Adelaide Medical School, Faculty of Health and Medical Sciences, University of Adelaide, Adelaide, South Australia, Australia.
Department of Gastroenterology, The Queen Elizabeth Hospital, Adelaide, South Australia, Australia.
J Gastroenterol Hepatol. 2022 Jul;37(7):1263-1274. doi: 10.1111/jgh.15832. Epub 2022 Mar 31.
Rates of antimicrobial-resistant Helicobacter pylori infection are rising globally; however, geospatial location and its interaction with risk factors for infection have not been closely examined.
Gastric biopsy specimens were collected to detect H. pylori infection at multiple centers in Adelaide, South Australia, between 1998 and 2017. The geospatial distribution of antibiotic-resistant H. pylori in the Greater Adelaide region was plotted using choropleth maps. Moran's I was used to assess geospatial correlation, and multivariate linear regression (MLR) was used to examine associations between migration status, socioeconomic status, age, gender, and rates of H. pylori positivity and antibiotic resistance. Geographically weighted regression (GWR) was used to determine the extent to which the associations varied according to geospatial location.
Of 20 108 biopsies across 136 postcodes within the Greater Adelaide region, 1901 (9.45%) were H. pylori positive. Of these, 797 (41.9%) displayed clarithromycin, tetracycline, metronidazole, or amoxicillin resistance. In MLR, migration status was associated with the rate of H. pylori positivity (β = 3.85% per 10% increase in a postcode's migrant population; P < 0.001). H. pylori positivity and resistance to any antibiotic were geospatially clustered (Moran's I = 0.571 and 0.280, respectively; P < 0.001 for both). In GWR, there was significant geospatial variation in the strength of the migrant association for both H. pylori positivity and antibiotic resistance.
Our study demonstrates the heterogeneous geospatial distribution of H. pylori positivity and antibiotic resistance, as well as its interaction with migrant status. Geographic location and migrant status are important factors to consider for H. pylori eradication therapy.
全球范围内,对抗生素耐药的幽门螺杆菌(Helicobacter pylori)感染率正在上升;然而,其地理空间位置及其与感染风险因素的相互作用尚未得到密切研究。
1998 年至 2017 年间,在南澳大利亚阿德莱德的多个中心采集胃活检标本,以检测 H. pylori 感染。使用面域图绘制阿德莱德大都市区抗生素耐药性 H. pylori 的地理空间分布。使用 Moran's I 评估地理空间相关性,并用多元线性回归(MLR)分析移民状况、社会经济地位、年龄、性别以及 H. pylori 阳性率和抗生素耐药率之间的关系。使用地理加权回归(GWR)确定关联随地理空间位置变化的程度。

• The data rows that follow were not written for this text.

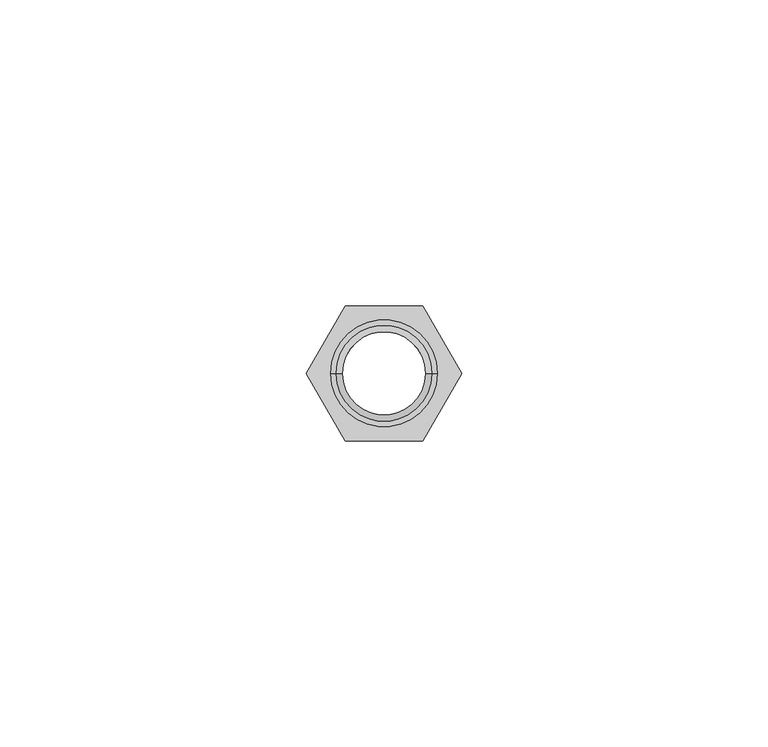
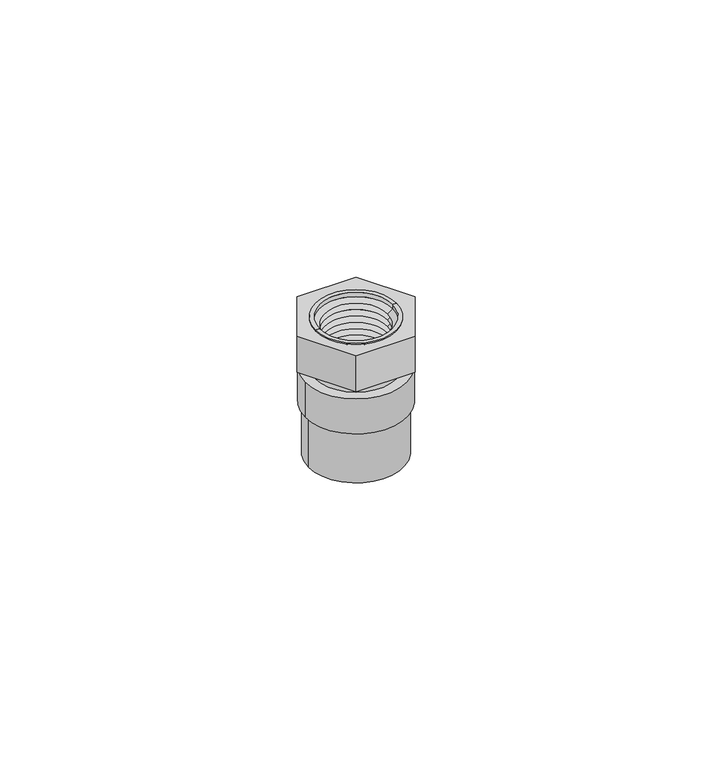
"""IFC4 building model written with IfcOpenShell, lengths in millimetres: valve geometry, Adaptador Hembra con Ins Metalico_Lubrizol_CPVC_FlowGuard_MX 13mm : Adaptador Hembra con Ins Metalico_Lubrizol_CPVC_FlowGuard_MX 13mm."""

from ifc_helpers import new_model, si_unit, point, frame, origin, origin_with_axes, origin_2d, place, context, project, spatial, polyline, circle_curve, trimmed, segment, composite_curve, outline, extrude, source, transform, mapped, element, save
from ifc_brep_helpers import plane_surface, cylinder_surface, revolved_surface, advanced_brep


def valve_e3f3b538(model_context):
    return source(origin(), model_context, "Body", "SolidModel", [
        advanced_brep(
        [(8.7401743, 0.0, 30.8), (-8.7401743, 0.0, 30.8), (-7.8893701, 0.0, 30.8), (7.8893701, 0.0, 30.8), (8.7401743, 0.0, 19.6498777), (-8.7401743, 0.0, 19.6498777), (7.8598817, 0.0, 19.6498777), (-7.8598817, 0.0, 19.6498777), (6.8256574, 0.0, 20.3740493), (-6.8256574, 0.0, 20.3740493), (7.8598817, 0.0, 21.0982209), (-7.8598817, 0.0, 21.0982209), (6.8256574, 0.0, 21.8223925), (-6.8256574, 0.0, 21.8223925), (7.8598817, 0.0, 22.5465641), (-7.8598817, 0.0, 22.5465641), (6.8256574, 0.0, 23.2707358), (-6.8256574, 0.0, 23.2707358), (7.8598817, 0.0, 23.9949074), (-7.8598817, 0.0, 23.9949074), (6.8256574, 0.0, 24.719079), (-6.8256574, 0.0, 24.719079), (7.8598817, 0.0, 25.4432506), (-7.8598817, 0.0, 25.4432506), (6.8256574, 0.0, 26.1674223), (-6.8256574, 0.0, 26.1674223), (7.8598817, 0.0, 26.8915939), (-7.8598817, 0.0, 26.8915939), (6.8256574, 0.0, 27.6157655), (-6.8256574, 0.0, 27.6157655), (7.8598817, 0.0, 28.3399371), (-7.8598817, 0.0, 28.3399371), (6.8256574, 0.0, 29.0641088), (-6.8256574, 0.0, 29.0641088), (7.8893701, 0.0, 29.8089284), (-7.8893701, 0.0, 29.8089284)],
        [
            (0, 1, circle_curve(frame((0.0, 0.0, 30.8), z_axis=(0.0, 0.0, 1.0), x_axis=(-1.0, 0.0, 0.0)), 8.7401743)),
            (1, 2),
            (2, 3, circle_curve(frame((0.0, 0.0, 30.8), z_axis=(0.0, 0.0, -1.0), x_axis=(-1.0, 0.0, 0.0)), 7.8893701)),
            (3, 0),
            (1, 0, circle_curve(frame((0.0, 0.0, 30.8), z_axis=(0.0, 0.0, 1.0), x_axis=(-1.0, 0.0, 0.0)), 8.7401743)),
            (3, 2, circle_curve(frame((0.0, 0.0, 30.8), z_axis=(0.0, 0.0, -1.0), x_axis=(-1.0, 0.0, 0.0)), 7.8893701)),
            (4, 5, circle_curve(frame((0.0, 0.0, 19.6498777), z_axis=(0.0, 0.0, 1.0), x_axis=(-1.0, 0.0, 0.0)), 8.7401743)),
            (5, 1),
            (0, 4),
            (5, 4, circle_curve(frame((0.0, 0.0, 19.6498777), z_axis=(0.0, 0.0, 1.0), x_axis=(-1.0, 0.0, 0.0)), 8.7401743)),
            (6, 7, circle_curve(frame((0.0, 0.0, 19.6498777), z_axis=(0.0, 0.0, 1.0), x_axis=(-1.0, 0.0, 0.0)), 7.8598817)),
            (7, 5),
            (4, 6),
            (7, 6, circle_curve(frame((0.0, 0.0, 19.6498777), z_axis=(0.0, 0.0, 1.0), x_axis=(-1.0, 0.0, 0.0)), 7.8598817)),
            (8, 9, circle_curve(frame((0.0, 0.0, 20.3740493), z_axis=(0.0, 0.0, 1.0), x_axis=(-1.0, 0.0, 0.0)), 6.8256574)),
            (9, 7),
            (6, 8),
            (9, 8, circle_curve(frame((0.0, 0.0, 20.3740493), z_axis=(0.0, 0.0, 1.0), x_axis=(-1.0, 0.0, 0.0)), 6.8256574)),
            (10, 11, circle_curve(frame((0.0, 0.0, 21.0982209), z_axis=(0.0, 0.0, 1.0), x_axis=(-1.0, 0.0, 0.0)), 7.8598817)),
            (11, 9),
            (8, 10),
            (11, 10, circle_curve(frame((0.0, 0.0, 21.0982209), z_axis=(0.0, 0.0, 1.0), x_axis=(-1.0, 0.0, 0.0)), 7.8598817)),
            (12, 13, circle_curve(frame((0.0, 0.0, 21.8223925), z_axis=(0.0, 0.0, 1.0), x_axis=(-1.0, 0.0, 0.0)), 6.8256574)),
            (13, 11),
            (10, 12),
            (13, 12, circle_curve(frame((0.0, 0.0, 21.8223925), z_axis=(0.0, 0.0, 1.0), x_axis=(-1.0, 0.0, 0.0)), 6.8256574)),
            (14, 15, circle_curve(frame((0.0, 0.0, 22.5465641), z_axis=(0.0, 0.0, 1.0), x_axis=(-1.0, 0.0, 0.0)), 7.8598817)),
            (15, 13),
            (12, 14),
            (15, 14, circle_curve(frame((0.0, 0.0, 22.5465641), z_axis=(0.0, 0.0, 1.0), x_axis=(-1.0, 0.0, 0.0)), 7.8598817)),
            (16, 17, circle_curve(frame((0.0, 0.0, 23.2707358), z_axis=(0.0, 0.0, 1.0), x_axis=(-1.0, 0.0, 0.0)), 6.8256574)),
            (17, 15),
            (14, 16),
            (17, 16, circle_curve(frame((0.0, 0.0, 23.2707358), z_axis=(0.0, 0.0, 1.0), x_axis=(-1.0, 0.0, 0.0)), 6.8256574)),
            (18, 19, circle_curve(frame((0.0, 0.0, 23.9949074), z_axis=(0.0, 0.0, 1.0), x_axis=(-1.0, 0.0, 0.0)), 7.8598817)),
            (19, 17),
            (16, 18),
            (19, 18, circle_curve(frame((0.0, 0.0, 23.9949074), z_axis=(0.0, 0.0, 1.0), x_axis=(-1.0, 0.0, 0.0)), 7.8598817)),
            (20, 21, circle_curve(frame((0.0, 0.0, 24.719079), z_axis=(0.0, 0.0, 1.0), x_axis=(-1.0, 0.0, 0.0)), 6.8256574)),
            (21, 19),
            (18, 20),
            (21, 20, circle_curve(frame((0.0, 0.0, 24.719079), z_axis=(0.0, 0.0, 1.0), x_axis=(-1.0, 0.0, 0.0)), 6.8256574)),
            (22, 23, circle_curve(frame((0.0, 0.0, 25.4432506), z_axis=(0.0, 0.0, 1.0), x_axis=(-1.0, 0.0, 0.0)), 7.8598817)),
            (23, 21),
            (20, 22),
            (23, 22, circle_curve(frame((0.0, 0.0, 25.4432506), z_axis=(0.0, 0.0, 1.0), x_axis=(-1.0, 0.0, 0.0)), 7.8598817)),
            (24, 25, circle_curve(frame((0.0, 0.0, 26.1674223), z_axis=(0.0, 0.0, 1.0), x_axis=(-1.0, 0.0, 0.0)), 6.8256574)),
            (25, 23),
            (22, 24),
            (25, 24, circle_curve(frame((0.0, 0.0, 26.1674223), z_axis=(0.0, 0.0, 1.0), x_axis=(-1.0, 0.0, 0.0)), 6.8256574)),
            (26, 27, circle_curve(frame((0.0, 0.0, 26.8915939), z_axis=(0.0, 0.0, 1.0), x_axis=(-1.0, 0.0, 0.0)), 7.8598817)),
            (27, 25),
            (24, 26),
            (27, 26, circle_curve(frame((0.0, 0.0, 26.8915939), z_axis=(0.0, 0.0, 1.0), x_axis=(-1.0, 0.0, 0.0)), 7.8598817)),
            (28, 29, circle_curve(frame((0.0, 0.0, 27.6157655), z_axis=(0.0, 0.0, 1.0), x_axis=(-1.0, 0.0, 0.0)), 6.8256574)),
            (29, 27),
            (26, 28),
            (29, 28, circle_curve(frame((0.0, 0.0, 27.6157655), z_axis=(0.0, 0.0, 1.0), x_axis=(-1.0, 0.0, 0.0)), 6.8256574)),
            (30, 31, circle_curve(frame((0.0, 0.0, 28.3399371), z_axis=(0.0, 0.0, 1.0), x_axis=(-1.0, 0.0, 0.0)), 7.8598817)),
            (31, 29),
            (28, 30),
            (31, 30, circle_curve(frame((0.0, 0.0, 28.3399371), z_axis=(0.0, 0.0, 1.0), x_axis=(-1.0, 0.0, 0.0)), 7.8598817)),
            (32, 33, circle_curve(frame((0.0, 0.0, 29.0641088), z_axis=(0.0, 0.0, 1.0), x_axis=(-1.0, 0.0, 0.0)), 6.8256574)),
            (33, 31),
            (30, 32),
            (33, 32, circle_curve(frame((0.0, 0.0, 29.0641088), z_axis=(0.0, 0.0, 1.0), x_axis=(-1.0, 0.0, 0.0)), 6.8256574)),
            (34, 35, circle_curve(frame((0.0, 0.0, 29.8089284), z_axis=(0.0, 0.0, 1.0), x_axis=(-1.0, 0.0, 0.0)), 7.8893701)),
            (35, 33),
            (32, 34),
            (35, 34, circle_curve(frame((0.0, 0.0, 29.8089284), z_axis=(0.0, 0.0, 1.0), x_axis=(-1.0, 0.0, 0.0)), 7.8893701)),
            (2, 35),
            (34, 3),
        ],
        [
            plane_surface(frame((0.0, 0.0, 30.8), z_axis=(0.0, 0.0, 1.0), x_axis=(-1.0, 0.0, 0.0))),
            cylinder_surface(frame((0.0, 0.0, 32.7589883), z_axis=(0.0, 0.0, -1.0), x_axis=(-1.0, 0.0, 0.0)), 8.7401743),
            plane_surface(frame((0.0, 0.0, 19.6498777), z_axis=(0.0, 0.0, -1.0), x_axis=(-1.0, 0.0, 0.0))),
            revolved_surface(polyline([(-7.8598817, 0.0, 19.6498777), (-6.8256574, 0.0, 20.3740493)]), (0.0, 0.0, 32.7589883), (0.0, 0.0, -1.0)),
            revolved_surface(polyline([(-6.8256574, 0.0, 20.3740493), (-7.8598817, 0.0, 21.0982209)]), (0.0, 0.0, 32.7589883), (0.0, 0.0, -1.0)),
            revolved_surface(polyline([(-7.8598817, 0.0, 21.0982209), (-6.8256574, 0.0, 21.8223925)]), (0.0, 0.0, 32.7589883), (0.0, 0.0, -1.0)),
            revolved_surface(polyline([(-6.8256574, 0.0, 21.8223925), (-7.8598817, 0.0, 22.5465641)]), (0.0, 0.0, 32.7589883), (0.0, 0.0, -1.0)),
            revolved_surface(polyline([(-7.8598817, 0.0, 22.5465641), (-6.8256574, 0.0, 23.2707358)]), (0.0, 0.0, 32.7589883), (0.0, 0.0, -1.0)),
            revolved_surface(polyline([(-6.8256574, 0.0, 23.2707358), (-7.8598817, 0.0, 23.9949074)]), (0.0, 0.0, 32.7589883), (0.0, 0.0, -1.0)),
            revolved_surface(polyline([(-7.8598817, 0.0, 23.9949074), (-6.8256574, 0.0, 24.719079)]), (0.0, 0.0, 32.7589883), (0.0, 0.0, -1.0)),
            revolved_surface(polyline([(-6.8256574, 0.0, 24.719079), (-7.8598817, 0.0, 25.4432506)]), (0.0, 0.0, 32.7589883), (0.0, 0.0, -1.0)),
            revolved_surface(polyline([(-7.8598817, 0.0, 25.4432506), (-6.8256574, 0.0, 26.1674223)]), (0.0, 0.0, 32.7589883), (0.0, 0.0, -1.0)),
            revolved_surface(polyline([(-6.8256574, 0.0, 26.1674223), (-7.8598817, 0.0, 26.8915939)]), (0.0, 0.0, 32.7589883), (0.0, 0.0, -1.0)),
            revolved_surface(polyline([(-7.8598817, 0.0, 26.8915939), (-6.8256574, 0.0, 27.6157655)]), (0.0, 0.0, 32.7589883), (0.0, 0.0, -1.0)),
            revolved_surface(polyline([(-6.8256574, 0.0, 27.6157655), (-7.8598817, 0.0, 28.3399371)]), (0.0, 0.0, 32.7589883), (0.0, 0.0, -1.0)),
            revolved_surface(polyline([(-7.8598817, 0.0, 28.3399371), (-6.8256574, 0.0, 29.0641088)]), (0.0, 0.0, 32.7589883), (0.0, 0.0, -1.0)),
            revolved_surface(polyline([(-6.8256574, 0.0, 29.0641088), (-7.8893701, 0.0, 29.8089284)]), (0.0, 0.0, 32.7589883), (0.0, 0.0, -1.0)),
            revolved_surface(polyline([(-7.8893701, 0.0, 29.8089284), (-7.8893701, 0.0, 30.8)]), (0.0, 0.0, 32.7589883), (0.0, 0.0, -1.0)),
        ],
        [
            (0, [[1, 2, 3, 4]]),
            (0, [[5, -4, 6, -2]]),
            (1, [[7, 8, -1, 9]]),
            (1, [[10, -9, -5, -8]]),
            (2, [[11, 12, -7, 13]]),
            (2, [[14, -13, -10, -12]]),
            (3, [[15, 16, -11, 17]]),
            (3, [[18, -17, -14, -16]]),
            (4, [[19, 20, -15, 21]]),
            (4, [[22, -21, -18, -20]]),
            (5, [[23, 24, -19, 25]]),
            (5, [[26, -25, -22, -24]]),
            (6, [[27, 28, -23, 29]]),
            (6, [[30, -29, -26, -28]]),
            (7, [[31, 32, -27, 33]]),
            (7, [[34, -33, -30, -32]]),
            (8, [[35, 36, -31, 37]]),
            (8, [[38, -37, -34, -36]]),
            (9, [[39, 40, -35, 41]]),
            (9, [[42, -41, -38, -40]]),
            (10, [[43, 44, -39, 45]]),
            (10, [[46, -45, -42, -44]]),
            (11, [[47, 48, -43, 49]]),
            (11, [[50, -49, -46, -48]]),
            (12, [[51, 52, -47, 53]]),
            (12, [[54, -53, -50, -52]]),
            (13, [[55, 56, -51, 57]]),
            (13, [[58, -57, -54, -56]]),
            (14, [[59, 60, -55, 61]]),
            (14, [[62, -61, -58, -60]]),
            (15, [[63, 64, -59, 65]]),
            (15, [[66, -65, -62, -64]]),
            (16, [[67, 68, -63, 69]]),
            (16, [[70, -69, -66, -68]]),
            (17, [[-3, 71, -67, 72]]),
            (17, [[-6, -72, -70, -71]]),
        ],
    ),
        extrude(outline(composite_curve([segment(trimmed(circle_curve(origin_2d(), 10.25), [point((-10.25, 0.0))], [point((10.25, 0.0))], False, "CARTESIAN"), True, "CONTINUOUS"), segment(trimmed(circle_curve(origin_2d(), 10.25), [point((10.25, 0.0))], [point((-10.25, 0.0))], False, "CARTESIAN"), True, "CONTINUOUS")], self_intersect=False), holes=[composite_curve([segment(trimmed(circle_curve(origin_2d(), 7.95), [point((-7.95, 0.0))], [point((7.95, 0.0))], True, "CARTESIAN"), True, "CONTINUOUS"), segment(trimmed(circle_curve(origin_2d(), 7.95), [point((7.95, 0.0))], [point((-7.95, 0.0))], True, "CARTESIAN"), True, "CONTINUOUS")], self_intersect=False)]), origin_with_axes(), (0.0, 0.0, 1.0), 11.6498777),
        extrude(outline(polyline([(-6.3719143, -11.0364794), (-12.7438287, 0.0), (-6.3719143, 11.0364794), (6.3719143, 11.0364794), (12.7438287, 0.0), (6.3719143, -11.0364794), (-6.3719143, -11.0364794)]), holes=[composite_curve([segment(trimmed(circle_curve(origin_2d(), 7.95), [point((-7.95, 0.0))], [point((7.95, 0.0))], True, "CARTESIAN"), True, "CONTINUOUS"), segment(trimmed(circle_curve(origin_2d(), 7.95), [point((7.95, 0.0))], [point((-7.95, 0.0))], True, "CARTESIAN"), True, "CONTINUOUS")], self_intersect=False)]), frame((0.0, 0.0, 22.5465641), z_axis=(0.0, 0.0, 1.0), x_axis=(1.0, 0.0, 0.0)), (0.0, 0.0, 1.0), 8.2534359),
        extrude(outline(composite_curve([segment(trimmed(circle_curve(origin_2d(), 10.9321227), [point((-10.9321227, 0.0))], [point((10.9321227, 0.0))], False, "CARTESIAN"), True, "CONTINUOUS"), segment(trimmed(circle_curve(origin_2d(), 10.9321227), [point((10.9321227, 0.0))], [point((-10.9321227, 0.0))], False, "CARTESIAN"), True, "CONTINUOUS")], self_intersect=False), holes=[composite_curve([segment(trimmed(circle_curve(origin_2d(), 7.95), [point((-7.95, 0.0))], [point((7.95, 0.0))], True, "CARTESIAN"), True, "CONTINUOUS"), segment(trimmed(circle_curve(origin_2d(), 7.95), [point((7.95, 0.0))], [point((-7.95, 0.0))], True, "CARTESIAN"), True, "CONTINUOUS")], self_intersect=False)]), frame((0.0, 0.0, 11.6498777), z_axis=(0.0, 0.0, 1.0), x_axis=(1.0, 0.0, 0.0)), (0.0, 0.0, 1.0), 8.0),
    ])


if __name__ == "__main__":
    model = new_model("IFC4")
    model_context = context("Model", 3, world=origin())
    ifc_project = project(units=[si_unit("LENGTHUNIT", "METRE", prefix="MILLI")], contexts=[model_context])
    site = spatial("IfcSite", under=ifc_project)
    building = spatial("IfcBuilding", under=site)
    placement = place(None, origin())
    valve_shape = valve_e3f3b538(model_context)
    element("IfcValve", 1, ObjectType="Adaptador Hembra con Ins Metalico_Lubrizol_CPVC_FlowGuard_MX 13mm : Adaptador Hembra con Ins Metalico_Lubrizol_CPVC_FlowGuard_MX 13mm", at=placement, inside=building, context=model_context, shape_type="MappedRepresentation", body=[
        mapped(valve_shape, transform((0.0, 0.0, 0.0), x_axis=(1.0, 0.0, 0.0), y_axis=(0.0, 1.0, 0.0), z_axis=(0.0, 0.0, 1.0))),
    ])
    save(model, "model.ifc")

在阿德莱德大都市区的 136 个邮区中的 20108 个活检中,1901 个(9.45%)为 H. pylori 阳性。其中,797 个(41.9%)显示克拉霉素、四环素、甲硝唑或阿莫西林耐药。在 MLR 中,移民状况与 H. pylori 阳性率相关(每 10%增加一个邮区的移民人口,阳性率增加 3.85%;P < 0.001)。H. pylori 阳性和对任何抗生素的耐药性呈地理空间聚类(Moran's I 分别为 0.571 和 0.280;两者均 P < 0.001)。在 GWR 中,H. pylori 阳性和抗生素耐药性的移民相关性存在显著的地理空间差异。
本研究表明,H. pylori 阳性和抗生素耐药性具有异质的地理空间分布,以及其与移民状况的相互作用。地理位置和移民状况是根除 H. pylori 治疗的重要考虑因素。